Now don't go beating yourself up because you've brought up very VALID points. I would've said something about his scales being off a bit but like Coonhound said,it's not worth the headaches because people on here will think you're bashing a youngster. I also absolutely love the fact the he fishes as much as he does and gets his friends out there as well. It's very commendable(sp?)on his part because there's alot of other not so good activities that he could be doing. I just hope he doesn't take all of this the wrong way and quits posting as I enjoy his posts.


----------



## Intimidator (Nov 25, 2008)

I held off, cause I feel like I'm sittin' on a fence! 
Young fishermen should never be discouraged and should always be helped if needed...sometimes written words can be taken the wrong way...so please don't!

Rod Hawg, they're just trying to help...it's better to have these guys help you instead of someone that does not care and is trying to "Bash" you!
These are EXCELLENT fishermen who have spent most of their lives doing what you love!
This is one reason I only post lengths...I do not have a camera that I'm allowed to use (Long Story) and since I can't post pics of the fish on the same Berkley Digital Scale, I don't. Normally I fish with other members on the board and they can verify any Big fish or vice versa. Hey, If you want to post pics of the fish fine, but if you start adding details, make sure you have them all...length, girth, weight, and hold the fish close to your body, or on a tape, or measuring board. I know it's a pain but having these facts end the questioning. This has all came about because fishing has become so competitive and some people feel the need to lie to make themselves a better fisherman and a better "Man"!
THIS IS NOT BASHING, consider it being helpful and learn from it, PLEASE continue to post pics of the beautiful fish you are catching and feel free to ask any questions...Good luck on your upcoming Big Lake excursions...don't get discouraged...just learn! 
Good Fishing!


----------



## lotaluck (Dec 17, 2009)

Rod Hog, first off let me say I admire you for the interest you have taken in the sport. I can only hope my daughter can understand the valu of the outdoors when she is your age as you do. I too grew up in rootstown and it is a great place to explore your interests.

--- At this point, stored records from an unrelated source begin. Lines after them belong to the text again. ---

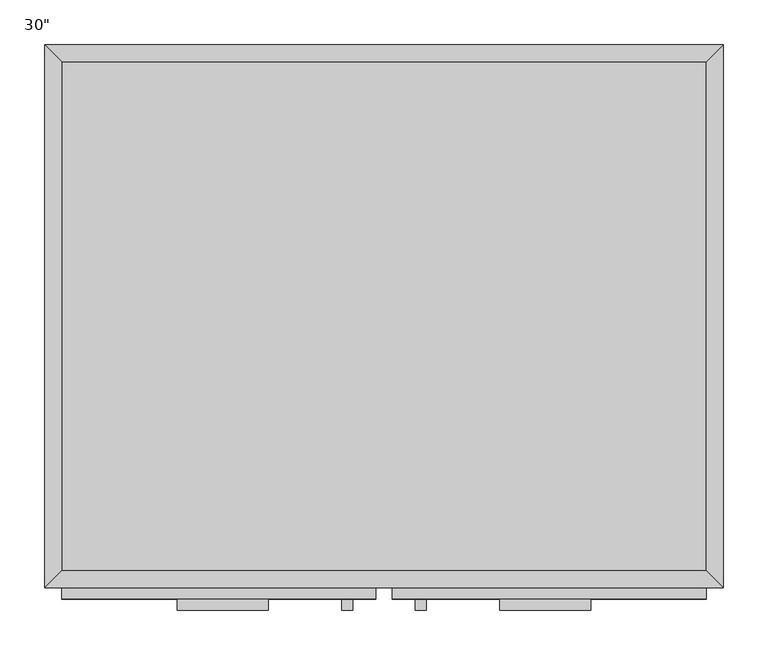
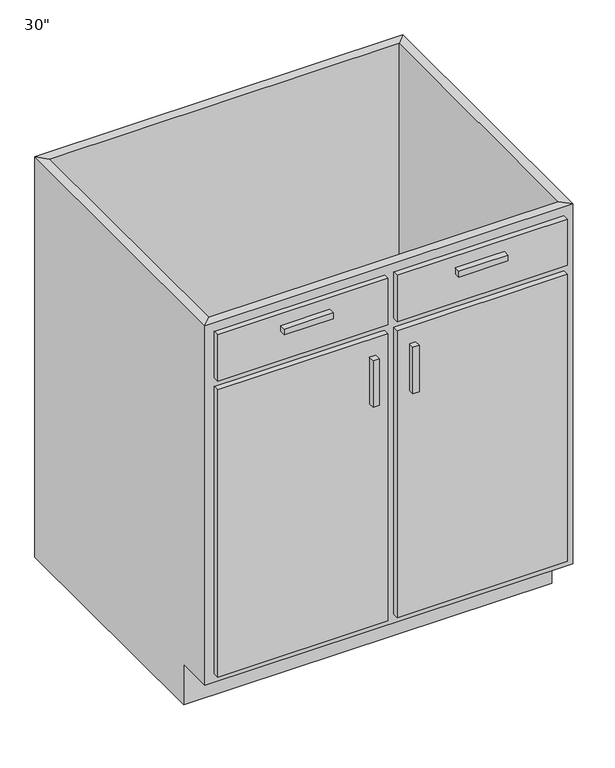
"""IFC4 building model written with IfcOpenShell, lengths in millimetres: furniture geometry."""

from ifc_helpers import new_model, si_unit, frame, origin, place, context, project, spatial, polyline, outline, extrude, faceted_brep, source, transform, mapped, element, save


def furniture_338da5bd(model_context):
    return source(origin(), model_context, "Body", "SolidModel", [
        faceted_brep([(380.6877049, -590.55, 876.3), (380.6877049, -590.55, 88.9), (-343.2122951, -590.55, 88.9), (-343.2122951, -590.55, 876.3), (-362.2622951, -609.6, 876.3), (399.7377049, -609.6, 876.3), (-362.2622951, -609.6, 88.9), (399.7377049, -609.6, 88.9), (-343.2122951, -533.4, 88.9), (-343.2122951, -19.05, 88.9), (-343.2122951, -19.05, 876.3), (-362.2622951, 0.0, 876.3), (-362.2622951, 0.0, 0.0), (-362.2622951, -533.4, 0.0), (-362.2622951, -533.4, 88.9), (380.6877049, -19.05, 88.9), (380.6877049, -19.05, 876.3), (399.7377049, 0.0, 876.3), (399.7377049, 0.0, 0.0), (380.6877049, -533.4, 88.9), (399.7377049, -533.4, 88.9), (399.7377049, -533.4, 0.0)], [[[0, 1, 2, 3]], [[0, 3, 4, 5]], [[5, 4, 6, 7]], [[2, 1, 7, 6]], [[3, 2, 8, 9, 10]], [[4, 3, 10, 11]], [[6, 4, 11, 12, 13, 14]], [[2, 6, 14, 8]], [[10, 9, 15, 16]], [[11, 10, 16, 17]], [[12, 11, 17, 18]], [[1, 0, 16, 15, 19]], [[0, 5, 17, 16]], [[5, 7, 20, 21, 18, 17]], [[7, 1, 19, 20]], [[8, 19, 15, 9]], [[18, 21, 13, 12]], [[13, 21, 20, 19, 8, 14]]]),
        extrude(outline(polyline([(-111.4372951, -635.0), (-213.0372951, -635.0), (-213.0372951, -622.3), (-111.4372951, -622.3), (-111.4372951, -635.0)])), frame((0.0, 0.0, 819.15), z_axis=(0.0, 0.0, 1.0), x_axis=(1.0, 0.0, 0.0)), (0.0, 0.0, 1.0), 12.7),
        extrude(outline(polyline([(250.5127049, -635.0), (148.9127049, -635.0), (148.9127049, -622.3), (250.5127049, -622.3), (250.5127049, -635.0)])), frame((0.0, 0.0, 819.15), z_axis=(0.0, 0.0, 1.0), x_axis=(1.0, 0.0, 0.0)), (0.0, 0.0, 1.0), 12.7),
        extrude(outline(polyline([(-16.1872951, -635.0), (-28.8872951, -635.0), (-28.8872951, -622.3), (-16.1872951, -622.3), (-16.1872951, -635.0)])), frame((0.0, 0.0, 596.9), z_axis=(0.0, 0.0, 1.0), x_axis=(1.0, 0.0, 0.0)), (0.0, 0.0, 1.0), 101.6),
        extrude(outline(polyline([(66.3627049, -635.0), (53.6627049, -635.0), (53.6627049, -622.3), (66.3627049, -622.3), (66.3627049, -635.0)])), frame((0.0, 0.0, 596.9), z_axis=(0.0, 0.0, 1.0), x_axis=(1.0, 0.0, 0.0)), (0.0, 0.0, 1.0), 101.6),
        extrude(outline(polyline([(380.6877049, -19.05), (380.6877049, -590.55), (-343.2122951, -590.55), (-343.2122951, -19.05), (380.6877049, -19.05)])), frame((0.0, 0.0, 88.9), z_axis=(0.0, 0.0, 1.0), x_axis=(1.0, 0.0, 0.0)), (0.0, 0.0, 1.0), 19.05),
        extrude(outline(polyline([(9.2127049, -622.3), (-343.2122951, -622.3), (-343.2122951, -609.6), (9.2127049, -609.6), (9.2127049, -622.3)])), frame((0.0, 0.0, 755.65), z_axis=(0.0, 0.0, 1.0), x_axis=(1.0, 0.0, 0.0)), (0.0, 0.0, 1.0), 101.6),
        extrude(outline(polyline([(380.6877049, -622.3), (28.2627049, -622.3), (28.2627049, -609.6), (380.6877049, -609.6), (380.6877049, -622.3)])), frame((0.0, 0.0, 755.65), z_axis=(0.0, 0.0, 1.0), x_axis=(1.0, 0.0, 0.0)), (0.0, 0.0, 1.0), 101.6),
        extrude(outline(polyline([(9.2127049, -622.3), (-343.2122951, -622.3), (-343.2122951, -609.6), (9.2127049, -609.6), (9.2127049, -622.3)])), frame((0.0, 0.0, 107.95), z_axis=(0.0, 0.0, 1.0), x_axis=(1.0, 0.0, 0.0)), (0.0, 0.0, 1.0), 628.65),
        extrude(outline(polyline([(380.6877049, -622.3), (28.2627049, -622.3), (28.2627049, -609.6), (380.6877049, -609.6), (380.6877049, -622.3)])), frame((0.0, 0.0, 107.95), z_axis=(0.0, 0.0, 1.0), x_axis=(1.0, 0.0, 0.0)), (0.0, 0.0, 1.0), 628.65),
    ])


if __name__ == "__main__":
    model = new_model("IFC4")
    model_context = context("Model", 3, world=origin())
    ifc_project = project(units=[si_unit("LENGTHUNIT", "METRE", prefix="MILLI")], contexts=[model_context])
    site = spatial("IfcSite", under=ifc_project)
    building = spatial("IfcBuilding", under=site)
    placement = place(None, origin())
    furniture_shape = furniture_338da5bd(model_context)
    element("IfcFurniture", 1, ObjectType="Base Cabinet-Double Door & 2 Drawer : 30\"", at=placement, inside=building, context=model_context, shape_type="MappedRepresentation", body=[
        mapped(furniture_shape, transform((0.0, 0.0, 0.0), x_axis=(1.0, 0.0, 0.0), y_axis=(0.0, 1.0, 0.0), z_axis=(0.0, 0.0, 1.0))),
    ])
    save(model, "model.ifc")

As far as the weights go that you have been posting they do sound a little on the heavy side, but after seeing the blue gill pics you have posted there is something extremly abnormal about that body of water you are fishing. Those things were giant! Ohio usually dont produce gills like that. 

Dont feel obligated to prove your weights either, after years of fishing tournys i have just now realized its not the weight that counts its the hunt.

Lordofthepunks, 
You did a nice job of explaining your opinion in a nurturing (sp) way.


----------



## Rod Hawg (Jan 13, 2011)

I gotcha guys. Its fine. Gonna probably just post the lengths and probably going to go get a new scale within the next couple weeks. Thanks though! I appreciate how you guys handled it. Tight Lines!


----------



## fishingredhawk (Apr 14, 2004)

Quick way to check your scale. 

Take a milk jug, fill it with water, and weigh it with your scale. It should weigh 8.34lbs. Take a picture with the scale reading and the milk jug and you will no longer have any naysayers!


----------



## Rod Hawg (Jan 13, 2011)

I'm gonna try that! Thanks Red Hawk!


----------



## Rod Hawg (Jan 13, 2011)

Well. It was the one of 2 scales that weighed the 8 1/2lbr. We had the digital that belonged to my buddy and my spring scale. The one I always use. Filled up my 1 gallon with water. Brought out my scale. And it read 8.4. So it is pretty accurate for a spring scale. But thanks again guys for the pointers. This pond is the best Bass Fishery I've fished in Ohio and they are just footballs. Anyway. Tight Lines! I got pics. I'll upload em shortly


----------



## ptothehuc (Sep 12, 2011)

nice! i've gotta try that


----------